De quoi Papa Wemba est-il mort?

Jules Shungu Wembadio Pene Kikumba, dit Papa Wemba, est mort ce dimanche à 09H à Abidjan. Le vieux « Mzee » passait déjà des moments difficiles à Paris où il a connu des problèmes de santé très sérieux en  février. Retour sur les circonstances de sa mort.

Alors que chaque deuxième mois de l’année est consacré à la célébration de l’anniversaire de son groupe Viva-la-Musica créé en février 1977, celui de 2016 était déjà très compliqué pour le fondateur de cet orchestre, Papa Wemba, l’une des icônes, alors vivantes, de la musique congolaise.

Des sources sûres confirmaient, fin février, que la star congolaise venait de sortir du séjour de mort. Car, son état de santé était très critique. Papa Wemba a souffert de la malaria cérébrale qui l’a plongé dans un coma de trois jours à l’Hôpital à Paris. ‘

« Franchement, le vieux a risqué de mourir à cause de cette maladie qui, pour son cas, a été toujours mal soigné à Kinshasa », rapporte un des proches de Viva-la-Musica, depuis la Ville lumière.

On croyait pourtant que le pire était passé. Sa santé, ajoute un proche, s’est améliorée, par rapport à la semaine dernière. L’artiste commence à reprendre sa forme mais il est encore dans la période de convalescence.

De son retour à Kinshasa, l’artiste a été invité FEMUA 9 à Abidjan, en Côte d’Ivoire, d’où il est mort en pleine prestation ce dimanche.

On ignore cependant les vraies raisons de sa mort.

Jules Shungu Wembadio Pene Kikumba, dit Papa Wemba, est un chanteur et compositeur congolais. Il était le doyen et l’un des artistes-musiciens africains les plus populaires depuis plusieurs années. Papa Wemba est né en 1949 à Lubefu dans le Sankuru, province du Kasaï-Oriental, en République démocratique du Congo. Très jeune, il quitte sa campagne pour vivre à la ville, s’intégrer au monde moderne. Sa mère était pleureuse professionnelle dans les soirées funéraires ou veillées mortuaires. En entraînant régulièrement son fils avec elle, elle l’initia à la musique et au chant. En 1969, il fonde avec des amis le groupe « Zaiko Langa Langa ».
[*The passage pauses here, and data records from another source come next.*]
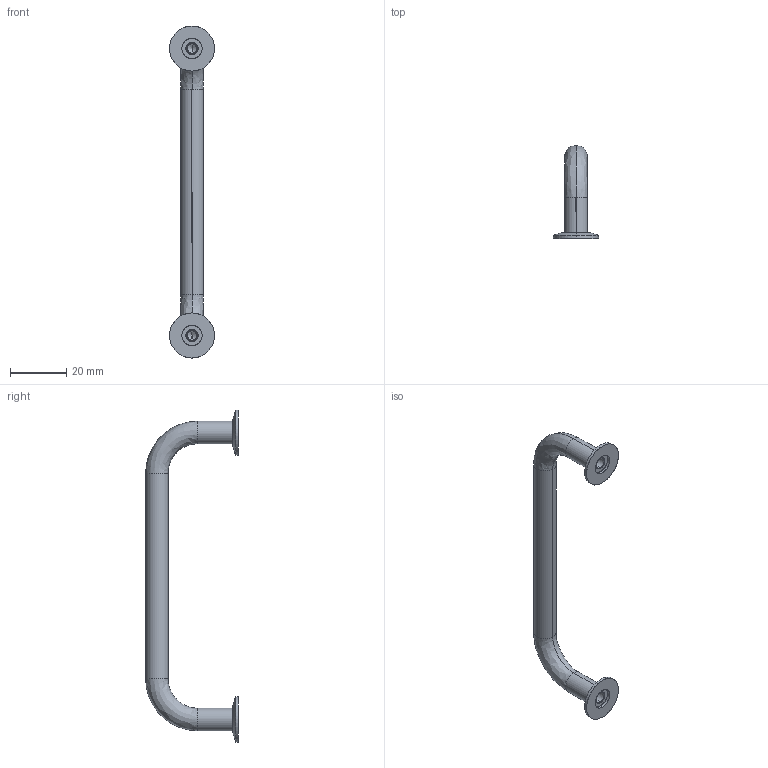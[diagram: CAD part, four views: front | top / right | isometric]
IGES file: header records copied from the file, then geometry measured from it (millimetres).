
Start section: SolidWorks IGES file using analytic representation for surfaces
Global section: file name: C:\Documents and Settings\IANO\Desktop\Temp File\Process pending\PCN pending\78700_v2\78700_v2_20170116_IGES\78700.W0110.igs; native system: SolidWorks 2009; preprocessor: SolidWorks 2009; author: IANO; date: 170310.095707; units: millimetre
Bounding box: 16 x 33 x 118 mm (x, y, z)
Surface area: 4796.7 mm2 (no closed solid volume)
Topology: 0 solids, 0 shells, 52 faces, 808 edges, 804 vertices
Faces by surface type: revolution 38, bspline 14
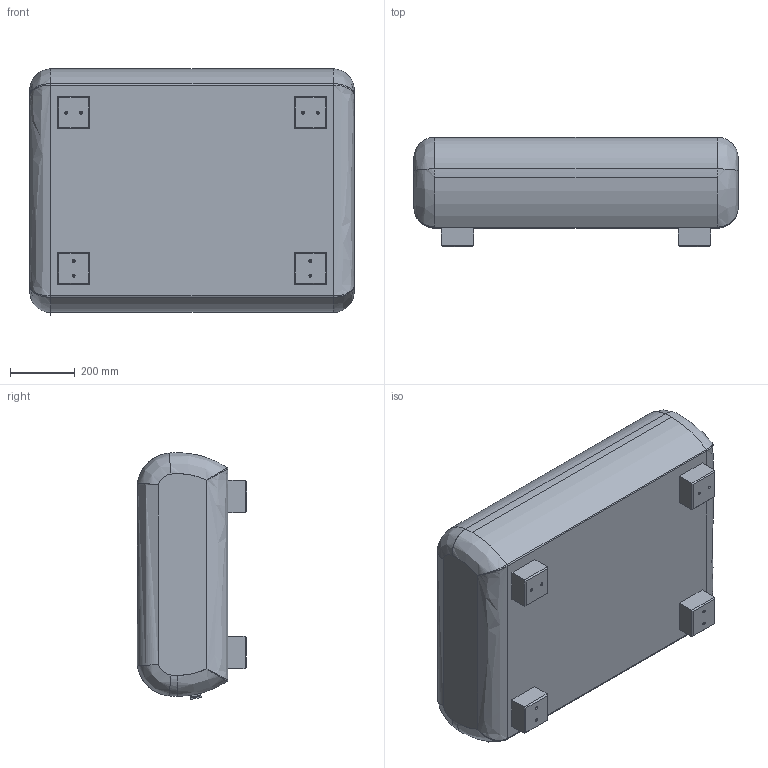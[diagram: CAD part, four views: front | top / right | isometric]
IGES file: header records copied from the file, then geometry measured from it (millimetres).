
Start section: SolidWorks IGES file using analytic representation for surfaces
Global section: file name: C:\SANTACOLE_PDM\Proyectos Catálogo\PROD-P09-006 -- CADAQUÉS\6_Técnico comercial\3D\Puff Cadaques.IGS; native system: SolidWorks 2019; preprocessor: SolidWorks 2019; author: louis.ferraz; date: 200408.135226; units: millimetre
Bounding box: 1000 x 337 x 760.83 mm (x, y, z)
Surface area: 2359516.1 mm2 (no closed solid volume)
Topology: 0 solids, 0 shells, 475 faces, 4677 edges, 4673 vertices
Faces by surface type: bspline 416, revolution 59

Ils s’inspirent de nombreux courants : musique afro-cubaine, rock, rhythm and blues… Mais, dans le Zaïre indépendant des années 60, la tendance est aux musiques traditionnelles. Et, même si les aînés la critiquent, la jeunesse s’identifie à cette musique rebelle. En 1977, Papa Wemba fonde un nouveau groupe « Viva la Musica »(baptisé d’après un titre de Johnny Pacheco). Nouvelle révolution : « J’ai introduit, raconte Papa Wemba, un nouvel instrument : le lokolé. Il s’agit d’un tronc d’arbre creux que l’on frappe avec deux baguettes pour communiquer d’un village à l’autre ».

Autre révolution, Papa Wemba décide que lui et ses musiciens auront un look impeccable. Il crée la Société des Ambianceurs et des Personnes d’Elégance (ou SAPE), à laquelle se rallient les jeunes zaïrois du monde entier. « Grâce à la sape, explique Papa Wemba, nous avons acquis une identité. Mais je ne suis pas un esclave de la mode. Je suis avant tout un chanteur, pas un sapeur ». En bon défenseur de la musique congolaise, Papa Wemba du haut de ses 65 ans a largement participé à l’émergence de l’afro pop dans les chartes occidentales. Aujourd’hui, il prône désormais le retour aux sources et aux fondamentaux à travers son nouvel album intitulé « Maître d’école ». Par le biais de cet opus, le maître entend apprendre à la jeune génération ce qu’est la vraie rumba.

La musique qui a marqué les heures de gloire des indépendances. De « Trait d’union » en 2011, en passant par « Mode d’emploi » en 2012, le vieux « Fula Nguengue », continue de briller par ses œuvres et se démarquer par la finesse de sa voix immuable, toujours perchée en dépit de l’âge. En 2014, il a bien servi ses mélomanes avec « Maître d’école». Un opus 100 % rumba riche de vingt-cinq chansons. La collection ne manque pas de piquant ou de mélodies attirantes comme celles de « Chasse à l’homme », entonnée avec JB M’Piana, «Triple option» avec Barbara Kanam ou « Nostalgie », avec Jossart Nyoka Longo, pour ne citer que les collaborations locales.